One device on my wifi network (an honor view 10) is sporadically loosing a network connection, whilst the wifi connection. I think I have narrowed it down to an ARP problem of some description.
If I ping the device I see something like:
64 bytes from 192.168.1.199: icmp_seq=419 ttl=64 time=50.5 ms
64 bytes from 192.168.1.199: icmp_seq=427 ttl=64 time=15439 ms
64 bytes from 192.168.1.199: icmp_seq=428 ttl=64 time=14419 ms
<snip>
64 bytes from 192.168.1.199: icmp_seq=436 ttl=64 time=6267 ms
64 bytes from 192.168.1.199: icmp_seq=437 ttl=64 time=5244 ms
64 bytes from 192.168.1.199: icmp_seq=439 ttl=64 time=3196 ms
64 bytes from 192.168.1.199: icmp_seq=440 ttl=64 time=2174 ms
64 bytes from 192.168.1.199: icmp_seq=441 ttl=64 time=1150 ms
64 bytes from 192.168.1.199: icmp_seq=442 ttl=64 time=126 ms
64 bytes from 192.168.1.199: icmp_seq=443 ttl=64 time=250 ms
64 bytes from 192.168.1.199: icmp_seq=444 ttl=64 time=3.03 ms
64 bytes from 192.168.1.199: icmp_seq=445 ttl=64 time=3.54 ms
From 192.168.1.100 icmp_seq=458 Destination Host Unreachable
From 192.168.1.100 icmp_seq=459 Destination Host Unreachable
From 192.168.1.100 icmp_seq=460 Destination Host Unreachable
From 192.168.1.100 icmp_seq=461 Destination Host Unreachable
This shows very variable ping times, and then a disconnect which might take a minute or so to recover from.
If I run tcpdump -i wlan1-3 arp host 192.168.1.199
or tcpdump -i br-home arp host 192.168.1.199
I see: a constant flood of:
20:18:46.490180 ARP, Request who-has downstairs_router.lan tell honorview.lan, length 28
20:18:46.490235 ARP, Request who-has downstairs_router.lan tell honorview.lan, length 28
20:18:46.490442 ARP, Reply downstairs_router.lan is-at 9c:3d:xx:xx:xx:xx (oui Unknown), length
This is repeated every second when the ping isn't working, which shows that the wifi is staying up, and the L2 network is fine it is just the ARP failures that are stopping the IP connectivity.
When the IP connection restarts (after a minute or so) the ARP requests slow down. I don't have this problem on any other device.

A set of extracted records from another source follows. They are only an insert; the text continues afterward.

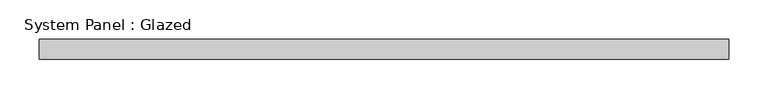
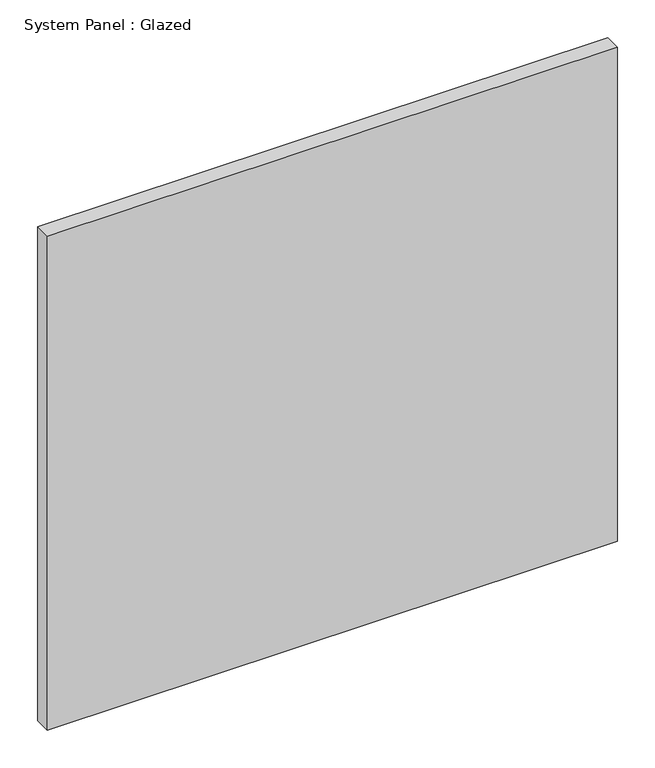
"""IFC4 building model written with IfcOpenShell, lengths in millimetres: plate geometry, System Panel : Glazed."""

from ifc_helpers import new_model, si_unit, origin, origin_with_axes, place, context, project, spatial, polyline, outline, extrude, source, transform, mapped, element, save


def system_panel_glazed_3cdeccce(model_context):
    return source(origin(), model_context, "Body", "SweptSolid", [
        extrude(outline(polyline([(438.15, 19.05), (-438.15, 19.05), (-438.15, 44.45), (438.15, 44.45), (438.15, 19.05)])), origin_with_axes(), (0.0, 0.0, 1.0), 802.4190025),
    ])


if __name__ == "__main__":
    model = new_model("IFC4")
    model_context = context("Model", 3, world=origin())
    ifc_project = project(units=[si_unit("LENGTHUNIT", "METRE", prefix="MILLI")], contexts=[model_context])
    site = spatial("IfcSite", under=ifc_project)
    building = spatial("IfcBuilding", under=site)
    placement = place(None, origin())
    system_panel_glazed_shape = system_panel_glazed_3cdeccce(model_context)
    element("IfcPlate", 1, ObjectType="System Panel : Glazed", at=placement, inside=building, context=model_context, shape_type="MappedRepresentation", body=[
        mapped(system_panel_glazed_shape, transform((0.0, 0.0, 0.0), x_axis=(1.0, 0.0, 0.0), y_axis=(0.0, 1.0, 0.0), z_axis=(0.0, 0.0, 1.0))),
    ])
    save(model, "model.ifc")
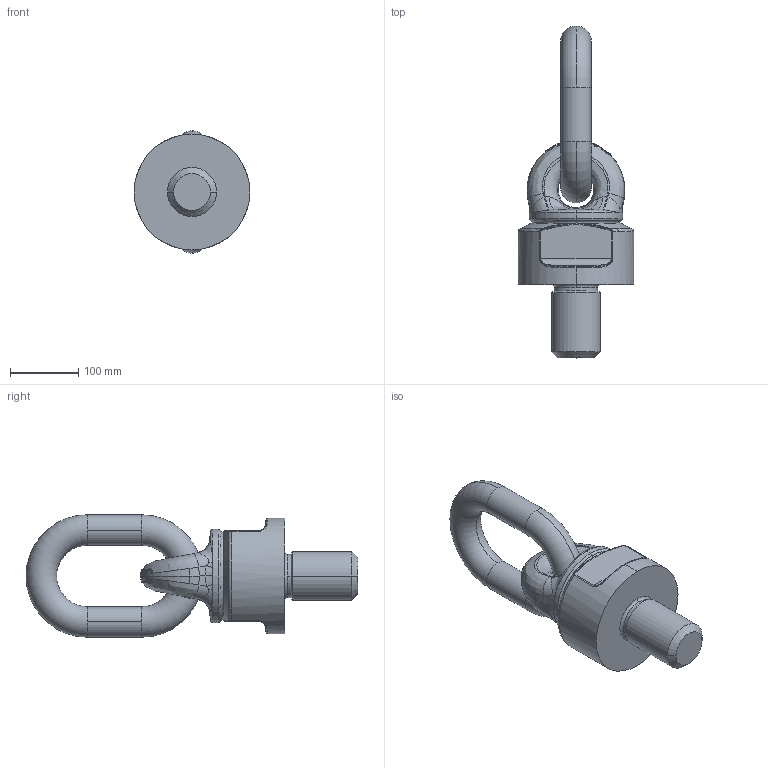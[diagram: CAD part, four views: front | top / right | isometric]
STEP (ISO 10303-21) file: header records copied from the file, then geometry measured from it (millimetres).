
FILE_DESCRIPTION(('STEP AP214'),'1');
FILE_NAME('c8002572108.stp','2017-03-22T14:31:15',('TraceParts'),('TraceParts S.A.'),'Spatial InterOp 3D',' ',' ');
FILE_SCHEMA(('automotive_design'));
Length unit declared in the file: millimetre
Products named in the file (3): c8002572108_1; c8002572108_2; c8002572108_3
Bounding box: 170 x 488 x 180 mm (x, y, z)
Volume: 3953960 mm3; surface area: 284740.8 mm2
Topology: 3 solids, 3 shells, 325 faces, 904 edges, 567 vertices
Faces by surface type: bspline 156, plane 67, cone 52, cylinder 26, torus 24
Entity records: 25321 total; most frequent: CARTESIAN_POINT 15289, ORIENTED_EDGE 1774, DIRECTION 1302, EDGE_CURVE 887, VERTEX_POINT 567, AXIS2_PLACEMENT_3D 561, STYLED_ITEM 328, PRESENTATION_STYLE_ASSIGNMENT 328

For info I am running OpenWRT 21.02.1 on downstairs_router which has a different bridge and SSID for home, work, admin and guest. There is a second router running OpenWRT 21.02.0 which is running trunked ethernet between the two. I have removed the VLANs and the secondary device to no avail, so don't believe they are part of the problem.
What could this be? I have disabled every power saving setting on the phone and can adb shell
to debug.. but I'm pretty much at the end end of my debugging skill.
Threads like this do suggest it could be something to do with the timing of ARP replies, but I have no idea if this is something I can test or debug.